Vaksin booster harus diprioritaskan untuk tenaga kesehatan, bukan untuk pejabat

Menanggapi laporan bahwa beberapa pejabat pemerintah telah menerima vaksin ketiga sebagai booster, Deputi Direktur Amnesty International Indonesia Wirya Adiwena mengatakan:

“Program vaksinasi COVID-19 harus dilaksanakan dengan mempertimbangkan hak asasi manusia. Dengan persediaan vaksin yang masih terbatas, pemerintah seharusnya memprioritaskan tenaga medis dan kelompok-kelompok masyarakat paling rentan terpapar termasuk lansia, masyarakat miskin, penyandang difabel, hingga mereka yang berada di tahanan –  bukan memberikan vaksin booster untuk pihak berkuasa.”
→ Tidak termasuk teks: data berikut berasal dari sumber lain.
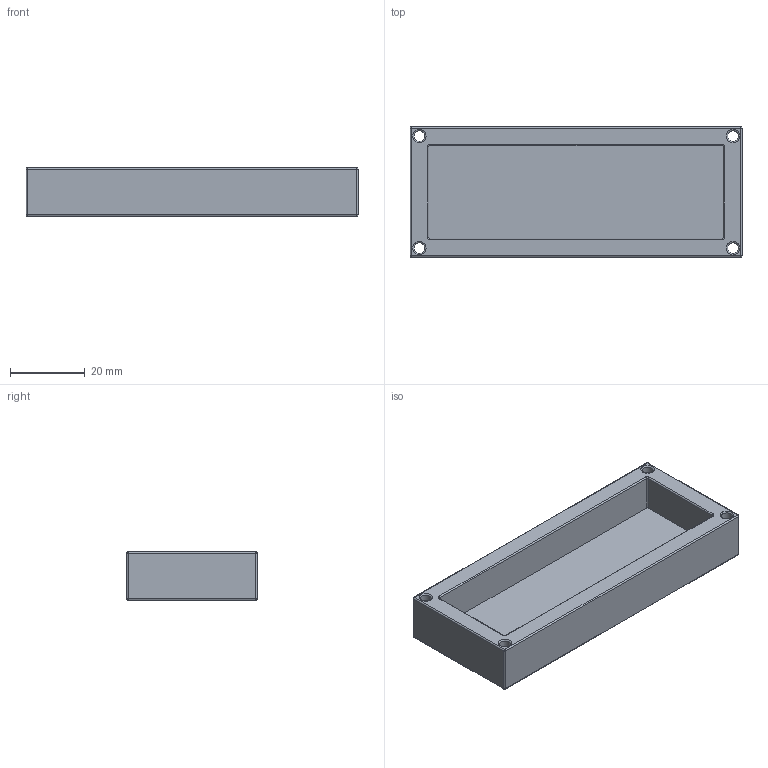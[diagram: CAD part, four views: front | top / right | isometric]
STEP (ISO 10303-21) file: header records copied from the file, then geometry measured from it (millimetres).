
FILE_DESCRIPTION(('HOOPS Exchange Step'),'2;1');
FILE_NAME('/Users/ruben_sutton29/Library/Containers/com.shapr3d.shapr/Data/tmp/export/temp_export','2026-03-03T20:23:53+11:00',('ruben_sutton29'),('Shapr3D Limited'),'HOOPS Exchange 2025.9','Shapr3D','Authorized');
FILE_SCHEMA( ('AP242_MANAGED_MODEL_BASED_3D_ENGINEERING_MIM_LF {1 0 10303 442 1 1 4}') );
Length unit declared in the file: millimetre
Products named in the file (1): Body 02
Bounding box: 88.9 x 34.9 x 13 mm (x, y, z)
Volume: 20317.6 mm3; surface area: 11904.2 mm2
Topology: 1 solids, 1 shells, 68 faces, 168 edges, 96 vertices
Faces by surface type: cylinder 28, plane 16, torus 16, sphere 8
Full cylindrical faces by diameter (mm): 2.9 x4
Entity records: 2040 total; most frequent: DIRECTION 380, CARTESIAN_POINT 374, ORIENTED_EDGE 320, EDGE_CURVE 160, AXIS2_PLACEMENT_3D 158, VERTEX_POINT 96, CIRCLE 88, EDGE_LOOP 78

“Menurut data Kemenkes sendiri, per tanggal 25 Agustus, baru 33,39 persen dari tenaga kesehatan yang telah menerima vaksin booster. Sementara baru 16,93 persen lansia dan 5,72 persen dari masyarakat rentan dan umum  yang telah menerima vaksin kedua. Memberikan vaksin ketiga kepada pejabat dalam situasi seperti ini tidak bisa dibenarkan dan mencerminkan ketidakpedulian pihak berkuasa atas kebutuhan publik.”

“Kami mendesak pemerintah untuk memastikan vaksinasi tidak diberikan berdasarkan jabatan atau kekuasaan, melainkan diprioritaskan untuk mereka yang memiliki risiko lebih tinggi untuk terpapar COVID-19, termasuk tenaga kesehatan. Pemerintah juga perlu memastikan bahwa distribusi vaksin dilakukan secara akuntabel dan transparan.”

Latar belakang

Pada tanggal 24 Agustus, sebuah video kunjungan Presiden Joko Widodo ke Kalimantan Timur diunggah ke kanal YouTube Sekretariat Presiden.

Dalam video tersebut, beberapa pejabat, termasuk Gubernur Kalimantan Timur Isran Noor mengatakan kepada Presiden bahwa mereka telah menerima vaksin booster. Video tersebut kini telah dihapus.

Amnesty mengingatkan bahwa Kantor Komisioner Tinggi untuk Hak Asasi Manusia (The Office of the High Commissioner for Human Rights/OHCHR) telah menjelaskan pada intinya bahwa negara harus mengenali dan membedakan kebutuhan kelompok yang menghadapi tantangan kesehatan tertentu, seperti tingkat kematian yang lebih tinggi atau kerentanan terhadap penyakit tertentu.

Organisasi Kesehatan Dunia (World Health Organization/WHO) juga telah menyatakan bahwa pemberian dosis vaksin booster harus ditargetkan kepada kelompok masyarakat yang paling membutuhkan dengan bukti pertimbangan yang jelas.